[[ Data shown, beginning ]]

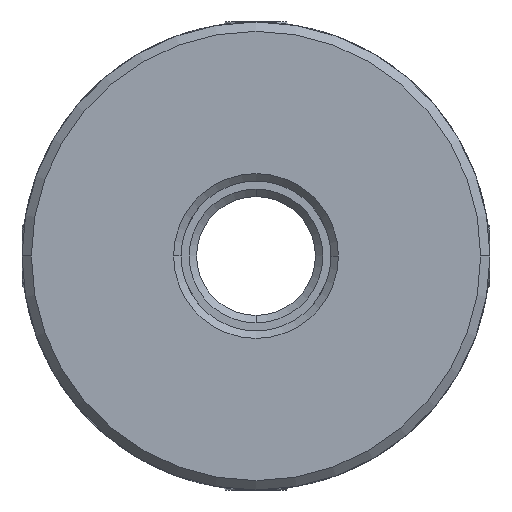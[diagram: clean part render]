
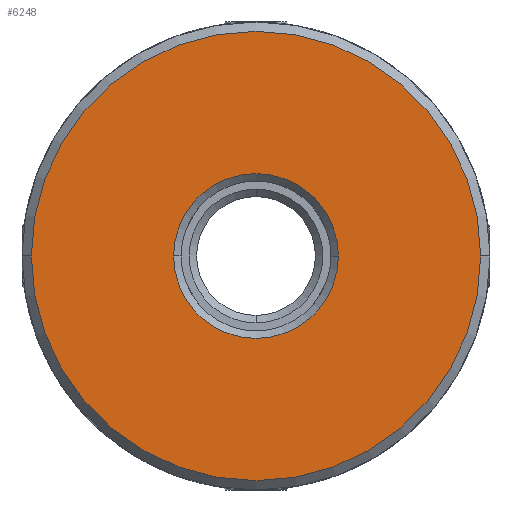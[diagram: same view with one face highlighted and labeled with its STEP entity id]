
A CAD part, front view. The second image highlights one B-rep face of the part: STEP entity #6248.
In plain terms, the highlighted planar face has unit normal (0, -1, 0).
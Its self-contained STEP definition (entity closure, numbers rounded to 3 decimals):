
#722 = VERTEX_POINT ( 'NONE', #8076 ) ;
#1221 = ORIENTED_EDGE ( 'NONE', *, *, #1520, .T. ) ;
#1313 = DIRECTION ( 'NONE',  ( 0., 1., 0. ) ) ;
#1347 = CARTESIAN_POINT ( 'NONE',  ( -4.4, -28., 0. ) ) ;
#1352 = DIRECTION ( 'NONE',  ( 0., 1., 0. ) ) ;
#1400 = DIRECTION ( 'NONE',  ( -1., 0., 0. ) ) ;
#1520 = EDGE_CURVE ( 'NONE', #9197, #4387, #4845, .T. ) ;
#1890 = EDGE_LOOP ( 'NONE', ( #3519, #1932 ) ) ;
#1932 = ORIENTED_EDGE ( 'NONE', *, *, #6617, .T. ) ;
#2066 = AXIS2_PLACEMENT_3D ( 'NONE', #6691, #1352, #4309 ) ;
#2241 = AXIS2_PLACEMENT_3D ( 'NONE', #7335, #9090, #5831 ) ;
#2626 = EDGE_LOOP ( 'NONE', ( #6967, #1221 ) ) ;
#2769 = AXIS2_PLACEMENT_3D ( 'NONE', #2835, #8936, #1400 ) ;
#2835 = CARTESIAN_POINT ( 'NONE',  ( 0., -28., 0. ) ) ;
#2958 = DIRECTION ( 'NONE',  ( 0., -1., 0. ) ) ;
#3117 = EDGE_CURVE ( 'NONE', #722, #4970, #5679, .T. ) ;
#3255 = CARTESIAN_POINT ( 'NONE',  ( 4.4, -28., 0. ) ) ;
#3282 = CIRCLE ( 'NONE', #3865, 4.4 ) ;
#3519 = ORIENTED_EDGE ( 'NONE', *, *, #3117, .T. ) ;
#3682 = CARTESIAN_POINT ( 'NONE',  ( 0., -28., 0. ) ) ;
#3865 = AXIS2_PLACEMENT_3D ( 'NONE', #3682, #1313, #7499 ) ;
#4309 = DIRECTION ( 'NONE',  ( -1., 0., 0. ) ) ;
#4327 = FACE_OUTER_BOUND ( 'NONE', #1890, .T. ) ;
#4387 = VERTEX_POINT ( 'NONE', #3255 ) ;
#4845 = CIRCLE ( 'NONE', #2241, 4.4 ) ;
#4970 = VERTEX_POINT ( 'NONE', #9559 ) ;
#5149 = CIRCLE ( 'NONE', #2769, 12. ) ;
#5679 = CIRCLE ( 'NONE', #7300, 12. ) ;
#5831 = DIRECTION ( 'NONE',  ( -1., 0., 0. ) ) ;
#6248 = ADVANCED_FACE ( 'NONE', ( #4327, #7554 ), #9692, .F. ) ;
#6617 = EDGE_CURVE ( 'NONE', #4970, #722, #5149, .T. ) ;
#6691 = CARTESIAN_POINT ( 'NONE',  ( -19.597, -28., -50. ) ) ;
#6967 = ORIENTED_EDGE ( 'NONE', *, *, #9775, .T. ) ;
#7300 = AXIS2_PLACEMENT_3D ( 'NONE', #7533, #2958, #8304 ) ;
#7335 = CARTESIAN_POINT ( 'NONE',  ( 0., -28., 0. ) ) ;
#7499 = DIRECTION ( 'NONE',  ( -1., 0., 0. ) ) ;
#7533 = CARTESIAN_POINT ( 'NONE',  ( 0., -28., 0. ) ) ;
#7554 = FACE_BOUND ( 'NONE', #2626, .T. ) ;
#8076 = CARTESIAN_POINT ( 'NONE',  ( -12., -28., 0. ) ) ;
#8304 = DIRECTION ( 'NONE',  ( -1., 0., 0. ) ) ;
#8936 = DIRECTION ( 'NONE',  ( 0., -1., 0. ) ) ;
#9090 = DIRECTION ( 'NONE',  ( 0., 1., 0. ) ) ;
#9197 = VERTEX_POINT ( 'NONE', #1347 ) ;
#9559 = CARTESIAN_POINT ( 'NONE',  ( 12., -28., 0. ) ) ;
#9692 = PLANE ( 'NONE',  #2066 ) ;
#9775 = EDGE_CURVE ( 'NONE', #4387, #9197, #3282, .T. ) ;

[[ Data shown, end ]]

— Work order —
Without including any pictures, reproduce the data exactly.

— Exercise response —
[diagram: clean part render]
[diagram: same view with one face highlighted and labeled with its STEP entity id]
A CAD part, front view. The second image highlights one B-rep face of the part: STEP entity #6248.
In plain terms, the highlighted planar face has unit normal (0, -1, 0).
Its self-contained STEP definition (entity closure, numbers rounded to 3 decimals):
#722 = VERTEX_POINT ( 'NONE', #8076 ) ;
#1221 = ORIENTED_EDGE ( 'NONE', *, *, #1520, .T. ) ;
#1313 = DIRECTION ( 'NONE',  ( 0., 1., 0. ) ) ;
#1347 = CARTESIAN_POINT ( 'NONE',  ( -4.4, -28., 0. ) ) ;
#1352 = DIRECTION ( 'NONE',  ( 0., 1., 0. ) ) ;
#1400 = DIRECTION ( 'NONE',  ( -1., 0., 0. ) ) ;
#1520 = EDGE_CURVE ( 'NONE', #9197, #4387, #4845, .T. ) ;
#1890 = EDGE_LOOP ( 'NONE', ( #3519, #1932 ) ) ;
#1932 = ORIENTED_EDGE ( 'NONE', *, *, #6617, .T. ) ;
#2066 = AXIS2_PLACEMENT_3D ( 'NONE', #6691, #1352, #4309 ) ;
#2241 = AXIS2_PLACEMENT_3D ( 'NONE', #7335, #9090, #5831 ) ;
#2626 = EDGE_LOOP ( 'NONE', ( #6967, #1221 ) ) ;
#2769 = AXIS2_PLACEMENT_3D ( 'NONE', #2835, #8936, #1400 ) ;
#2835 = CARTESIAN_POINT ( 'NONE',  ( 0., -28., 0. ) ) ;
#2958 = DIRECTION ( 'NONE',  ( 0., -1., 0. ) ) ;
#3117 = EDGE_CURVE ( 'NONE', #722, #4970, #5679, .T. ) ;
#3255 = CARTESIAN_POINT ( 'NONE',  ( 4.4, -28., 0. ) ) ;
#3282 = CIRCLE ( 'NONE', #3865, 4.4 ) ;
#3519 = ORIENTED_EDGE ( 'NONE', *, *, #3117, .T. ) ;
#3682 = CARTESIAN_POINT ( 'NONE',  ( 0., -28., 0. ) ) ;
#3865 = AXIS2_PLACEMENT_3D ( 'NONE', #3682, #1313, #7499 ) ;
#4309 = DIRECTION ( 'NONE',  ( -1., 0., 0. ) ) ;
#4327 = FACE_OUTER_BOUND ( 'NONE', #1890, .T. ) ;
#4387 = VERTEX_POINT ( 'NONE', #3255 ) ;
#4845 = CIRCLE ( 'NONE', #2241, 4.4 ) ;
#4970 = VERTEX_POINT ( 'NONE', #9559 ) ;
#5149 = CIRCLE ( 'NONE', #2769, 12. ) ;
#5679 = CIRCLE ( 'NONE', #7300, 12. ) ;
#5831 = DIRECTION ( 'NONE',  ( -1., 0., 0. ) ) ;
#6248 = ADVANCED_FACE ( 'NONE', ( #4327, #7554 ), #9692, .F. ) ;
#6617 = EDGE_CURVE ( 'NONE', #4970, #722, #5149, .T. ) ;
#6691 = CARTESIAN_POINT ( 'NONE',  ( -19.597, -28., -50. ) ) ;
#6967 = ORIENTED_EDGE ( 'NONE', *, *, #9775, .T. ) ;
#7300 = AXIS2_PLACEMENT_3D ( 'NONE', #7533, #2958, #8304 ) ;
#7335 = CARTESIAN_POINT ( 'NONE',  ( 0., -28., 0. ) ) ;
#7499 = DIRECTION ( 'NONE',  ( -1., 0., 0. ) ) ;
#7533 = CARTESIAN_POINT ( 'NONE',  ( 0., -28., 0. ) ) ;
#7554 = FACE_BOUND ( 'NONE', #2626, .T. ) ;
#8076 = CARTESIAN_POINT ( 'NONE',  ( -12., -28., 0. ) ) ;
#8304 = DIRECTION ( 'NONE',  ( -1., 0., 0. ) ) ;
#8936 = DIRECTION ( 'NONE',  ( 0., -1., 0. ) ) ;
#9090 = DIRECTION ( 'NONE',  ( 0., 1., 0. ) ) ;
#9197 = VERTEX_POINT ( 'NONE', #1347 ) ;
#9559 = CARTESIAN_POINT ( 'NONE',  ( 12., -28., 0. ) ) ;
#9692 = PLANE ( 'NONE',  #2066 ) ;
#9775 = EDGE_CURVE ( 'NONE', #4387, #9197, #3282, .T. ) ;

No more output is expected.